Nach Ausweis der Akten besteht die Behandlung des Beschwerdeführers hauptsächlich aus Physiotherapie; dies genügt nicht, um das Kriterium einer fortgesetzt spezifischen, belastenden ärztlichen Behandlung zu bejahen.
Der Beschwerdeführer beklagt andauernde Nacken- und Kopfschmerzen. Das Kriterium erheblicher Beschwerden kann deshalb - wenn auch nicht in ausgeprägter Weise - als erfüllt erachtet werden.
Keine Anhaltspunkte gibt es für eine ärztliche Fehlbehandlung, welche die Unfallfolgen erheblich verschlimmert hätte oder für einen schwierigen Heilungsverlauf und erhebliche Komplikationen; diese Kriterien sind nicht erfüllt.
Beim Kriterium einer erheblichen Arbeitsunfähigkeit trotz ausgewiesener Anstrengungen ist zu beachten, dass die versicherte Person alles daran zu setzen hat, wieder ganz oder teilweise arbeitsfähig zu werden. Gelingt dies trotz entsprechender Anstrengungen nicht, ist ihr dies durch Erfüllung des Kriteriums anzurechnen. Konkret muss der Wille erkennbar sein, sich durch aktive Mitwirkung raschmöglichst wieder optimal in den Arbeitsprozess einzugliedern (BGE 134 V 109 E. 10.2.7). Dokumentiert sind zwei kurze, vom Beschwerdeführer unter Hinweis auf aufgetretene Schmerzen abgebrochene Arbeitsversuche. Dokumentiert ist aber auch eine Selbstlimitierung mit erheblicher Verdeutlichungstendenz (vorstehend E. 3.3). Bei besserem Effort, so die ärztliche Einschätzung, hätte der Beschwerdeführer bei den entsprechenden Tests eine bessere Leistung erbringen können (E. 3.4); desgleichen steht ein schonendes, schmerzvermeidendes Therapiekonzept des Beschwerdeführers einer Verbesserung entgegen (vorstehend E. 3.8). Vor diesem Hintergrund wäre es verfehlt, die beiden gescheiterten Arbeitsversuche als Beleg für die geforderten ausgewiesenen Anstrengungen zu nehmen. Vielmehr ist daraus zu schliessen, dass der vorausgesetzte eigene Wille des Beschwerdeführers gerade nicht in dem Masse dokumentiert ist, wie es zur Bejahung des Kriteriums erforderlich wäre. Dieses ist mithin nicht erfüllt.
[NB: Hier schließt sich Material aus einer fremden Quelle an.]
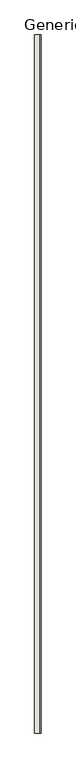
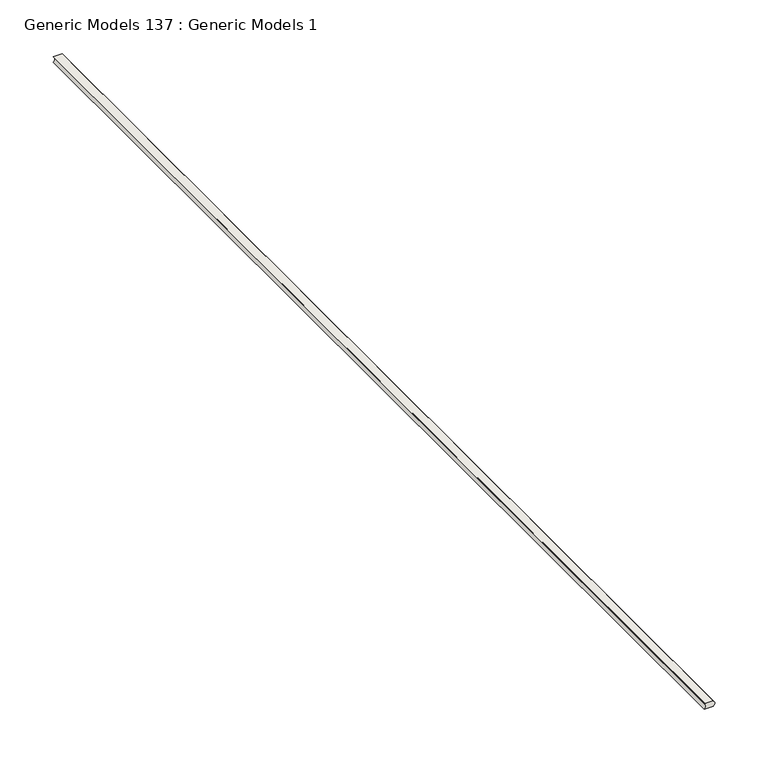
"""IFC4 building model written with IfcOpenShell, lengths in millimetres: wall geometry, Generic Models 137 : Generic Models 1."""

from ifc_helpers import new_model, si_unit, point, frame, frame_2d, origin, place, context, project, spatial, polyline, circle_curve, trimmed, segment, composite_curve, outline, extrude, source, transform, mapped, element, save


def generic_models_137_generic_models_1_b98dbe0e(model_context):
    return source(origin(), model_context, "Body", "SweptSolid", [
        extrude(outline(composite_curve([segment(polyline([(0.0, 50900.0125), (0.0, 50909.5375)]), True, "CONTINUOUS"), segment(trimmed(circle_curve(frame_2d((3.175, 50906.6227595)), 4.3100275), [point((0.0, 50909.5375))], [point((6.35, 50909.5375))], False, "CARTESIAN"), True, "CONTINUOUS"), segment(polyline([(6.35, 50909.5375), (6.35, 50900.0125)]), True, "CONTINUOUS"), segment(trimmed(circle_curve(frame_2d((3.175, 50897.0977595)), 4.3100275), [point((6.35, 50900.0125))], [point((0.0, 50900.0125))], True, "CARTESIAN"), True, "CONTINUOUS")], self_intersect=False)), frame((0.0, 0.0, 0.0), z_axis=(0.0, 1.0, 0.0), x_axis=(0.0, 0.0, 1.0)), (0.0, 0.0, 1.0), 1219.2),
    ])


if __name__ == "__main__":
    model = new_model("IFC4")
    model_context = context("Model", 3, world=origin())
    ifc_project = project(units=[si_unit("LENGTHUNIT", "METRE", prefix="MILLI")], contexts=[model_context])
    site = spatial("IfcSite", under=ifc_project)
    building = spatial("IfcBuilding", under=site)
    placement = place(None, origin())
    generic_models_137_generic_models_1_shape = generic_models_137_generic_models_1_b98dbe0e(model_context)
    element("IfcWall", 1, ObjectType="Generic Models 137 : Generic Models 1", at=placement, inside=building, context=model_context, shape_type="MappedRepresentation", body=[
        mapped(generic_models_137_generic_models_1_shape, transform((0.0, 0.0, 0.0), x_axis=(1.0, 0.0, 0.0), y_axis=(0.0, 1.0, 0.0), z_axis=(0.0, 0.0, 1.0))),
    ])
    save(model, "model.ifc")

# Revit data of these elements
# Element 1 (IfcWall, "Generic Models 137 : Generic Models 1")
#   Materials on its faces: "SEALANT (W/ BACKER ROD IF NECESSARY)"
# Materials
#   "SEALANT (W/ BACKER ROD IF NECESSARY)": class "Unassigned", colour RGB 120 120 120, transparency 0, Cost = 0

4.4 Somit ist zusammenfassend festzuhalten, dass von den massgebenden Kriterien ein einziges - nicht in ausgeprägter Weise - erfüllt ist.
Damit fehlt es an der Adäquanz eines allfälligen Kausalzusammenhanges zwischen im Zeitpunkt der Leistungseinstellung noch bestehenden Beschwerden und dem erlittenen Unfall.
Die Leistungseinstellung mangels eines rechtsgenüglichen Kausalzusammenhangs ist deshalb nicht zu beanstanden, sondern der angefochtene Entscheid ist zu bestätigen und die dagegen erhobene Beschwerde abzuweisen.
Das Gericht erkennt:
1. Die Beschwerde wird abgewiesen.
2. Das Verfahren ist kostenlos.
3. Zustellung gegen Empfangsschein an:
- Rechtsanwalt George Hunziker
- Schweizerische Unfallversicherungsanstalt
- Bundesamt für Gesundheit
4. Gegen diesen Entscheid kann innert 30 Tagen seit der Zustellung beim Bundesgericht Beschwerde eingereicht werden (Art. 82 ff. in Verbindung mit Art. 90 ff. des Bundesgesetzes über das Bundesgericht, BGG). Die Frist steht während folgender Zeiten still: vom siebten Tag vor Ostern bis und mit dem siebten Tag nach Ostern, vom 15. Juli bis und mit 15. August sowie vom 18. Dezember bis und mit dem 2. Januar (Art. 46 BGG).
Die Beschwerdeschrift ist dem Bundesgericht, Schweizerhofquai 6, 6004 Luzern, zuzustellen.
Die Beschwerdeschrift hat die Begehren, deren Begründung mit Angabe der Beweismittel und die Unterschrift des Beschwerdeführers oder seines Vertreters zu enthalten; der angefochtene Entscheid sowie die als Beweismittel angerufenen Urkunden sind beizulegen, soweit die Partei sie in Händen hat (Art. 42 BGG).